Now it came to pass when the judges ruled, there was a famine in the land.
- The Book of Ruth

Wunderkind Naomi Klein, whom Ronald Radosh writing in Pajamas Media has aptly called “this generation’s Noam Chomsky in women’s designer suits,” has made a name for herself as a one-woman anti-Israeli bulldozer. This has become her logo. In a column for The Guardian (June 16, 2007), taken up in The Nation (January 7, 2009), she accuses Israel of having cynically profited from the state of terror in which it finds itself, “selling fences to an apartheid planet” along with a host of surveillance devices, “precisely the tools and technologies Israel has used to lock in the occupied territories.” Israel, she claims, “has learned to turn endless war into a brand asset,” using its so-called oppression of the Palestinian people to pioneer the means of industrializing “the global war on terror” and to fatten on the rich contracts generated by these innovations.

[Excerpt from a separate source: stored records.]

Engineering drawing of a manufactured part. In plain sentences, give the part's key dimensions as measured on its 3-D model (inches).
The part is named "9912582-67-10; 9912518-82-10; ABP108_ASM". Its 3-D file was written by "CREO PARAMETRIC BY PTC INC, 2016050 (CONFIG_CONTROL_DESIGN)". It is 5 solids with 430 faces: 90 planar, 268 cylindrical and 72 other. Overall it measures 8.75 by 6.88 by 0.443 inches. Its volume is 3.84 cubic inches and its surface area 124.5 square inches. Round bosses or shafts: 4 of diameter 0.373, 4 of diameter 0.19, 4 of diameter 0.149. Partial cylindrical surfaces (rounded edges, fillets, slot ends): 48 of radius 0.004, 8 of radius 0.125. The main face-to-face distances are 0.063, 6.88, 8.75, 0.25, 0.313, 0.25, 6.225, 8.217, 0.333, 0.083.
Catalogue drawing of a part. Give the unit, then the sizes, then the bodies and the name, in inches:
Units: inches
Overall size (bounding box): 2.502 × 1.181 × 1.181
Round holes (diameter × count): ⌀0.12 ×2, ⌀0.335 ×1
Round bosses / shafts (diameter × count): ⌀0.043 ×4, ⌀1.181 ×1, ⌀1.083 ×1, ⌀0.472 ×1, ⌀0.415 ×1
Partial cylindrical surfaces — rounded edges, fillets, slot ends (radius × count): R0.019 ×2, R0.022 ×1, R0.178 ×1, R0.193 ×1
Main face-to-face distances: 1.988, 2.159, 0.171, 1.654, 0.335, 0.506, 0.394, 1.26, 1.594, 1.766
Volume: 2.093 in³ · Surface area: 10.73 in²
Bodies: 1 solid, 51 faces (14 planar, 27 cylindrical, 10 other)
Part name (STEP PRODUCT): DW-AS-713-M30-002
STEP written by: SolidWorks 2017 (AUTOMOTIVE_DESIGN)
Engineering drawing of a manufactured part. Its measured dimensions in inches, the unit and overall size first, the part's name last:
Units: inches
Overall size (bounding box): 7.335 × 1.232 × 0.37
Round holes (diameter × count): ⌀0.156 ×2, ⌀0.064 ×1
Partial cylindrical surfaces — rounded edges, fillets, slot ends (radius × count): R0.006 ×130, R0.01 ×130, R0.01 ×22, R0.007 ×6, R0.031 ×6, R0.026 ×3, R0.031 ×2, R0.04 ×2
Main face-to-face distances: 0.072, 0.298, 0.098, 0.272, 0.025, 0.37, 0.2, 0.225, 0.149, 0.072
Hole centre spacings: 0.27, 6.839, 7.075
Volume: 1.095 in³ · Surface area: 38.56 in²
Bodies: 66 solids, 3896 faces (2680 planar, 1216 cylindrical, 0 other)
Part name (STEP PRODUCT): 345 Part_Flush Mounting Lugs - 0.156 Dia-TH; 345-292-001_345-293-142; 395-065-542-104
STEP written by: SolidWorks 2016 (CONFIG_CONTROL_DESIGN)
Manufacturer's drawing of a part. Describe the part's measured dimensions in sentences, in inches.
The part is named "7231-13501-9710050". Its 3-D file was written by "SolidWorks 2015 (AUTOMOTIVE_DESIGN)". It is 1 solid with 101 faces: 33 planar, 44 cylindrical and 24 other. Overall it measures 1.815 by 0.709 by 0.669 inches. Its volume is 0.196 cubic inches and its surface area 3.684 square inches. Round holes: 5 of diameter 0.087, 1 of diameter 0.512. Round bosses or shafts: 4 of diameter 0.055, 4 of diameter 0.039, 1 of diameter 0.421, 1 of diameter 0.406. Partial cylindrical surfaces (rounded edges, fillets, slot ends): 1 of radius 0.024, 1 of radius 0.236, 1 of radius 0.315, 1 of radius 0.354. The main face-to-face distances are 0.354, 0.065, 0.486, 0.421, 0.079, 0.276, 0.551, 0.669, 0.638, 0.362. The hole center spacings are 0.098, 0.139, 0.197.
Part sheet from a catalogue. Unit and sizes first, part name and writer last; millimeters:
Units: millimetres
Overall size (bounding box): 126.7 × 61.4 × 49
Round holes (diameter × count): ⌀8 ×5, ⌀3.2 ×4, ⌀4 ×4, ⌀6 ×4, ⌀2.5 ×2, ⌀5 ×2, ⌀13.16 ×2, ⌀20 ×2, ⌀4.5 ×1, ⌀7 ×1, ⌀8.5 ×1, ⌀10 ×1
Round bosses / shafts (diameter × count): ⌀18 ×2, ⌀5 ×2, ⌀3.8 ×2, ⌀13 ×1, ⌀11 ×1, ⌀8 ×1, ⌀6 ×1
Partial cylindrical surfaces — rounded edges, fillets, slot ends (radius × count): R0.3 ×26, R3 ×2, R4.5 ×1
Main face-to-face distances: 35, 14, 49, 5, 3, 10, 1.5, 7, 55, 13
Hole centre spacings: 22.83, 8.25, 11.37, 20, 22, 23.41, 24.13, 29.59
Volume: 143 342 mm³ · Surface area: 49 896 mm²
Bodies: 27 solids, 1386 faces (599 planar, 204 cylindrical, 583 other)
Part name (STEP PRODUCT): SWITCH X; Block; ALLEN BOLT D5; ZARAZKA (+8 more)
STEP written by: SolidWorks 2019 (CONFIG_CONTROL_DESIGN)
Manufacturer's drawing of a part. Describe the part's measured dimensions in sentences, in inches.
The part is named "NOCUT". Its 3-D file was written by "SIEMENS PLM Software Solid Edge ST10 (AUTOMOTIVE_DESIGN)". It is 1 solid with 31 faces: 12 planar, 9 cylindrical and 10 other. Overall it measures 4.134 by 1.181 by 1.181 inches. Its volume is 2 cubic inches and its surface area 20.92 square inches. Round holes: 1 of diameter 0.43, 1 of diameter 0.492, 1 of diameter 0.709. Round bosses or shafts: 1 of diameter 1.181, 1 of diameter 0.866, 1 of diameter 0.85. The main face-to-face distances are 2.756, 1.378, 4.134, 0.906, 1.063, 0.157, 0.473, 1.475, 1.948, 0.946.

For Klein, Israel has become a homeland security Megacorp for whom the Palestinians are merely “guinea pigs” in the testing of new instruments of detection, control and persecution—“something to keep in mind in the debates about the academic boycott.” In developing her astigmatic thesis, Klein pays no mind to Israel’s withdrawal from southern Lebanon in 2000, its unilateral disengagement from Gaza in 2005, or its need to defend itself from constant attack by an enemy sworn to the country’s complete destruction. She does not speak of Ayatollah Akbar Hashemi Rafsanjani’s twice-uttered threat to launch a nuclear attack against Israel, taken up more recently by Mahmoud Ahmadinejad, the modern incarnation of the biblical Haman. But then, Klein is no Esther.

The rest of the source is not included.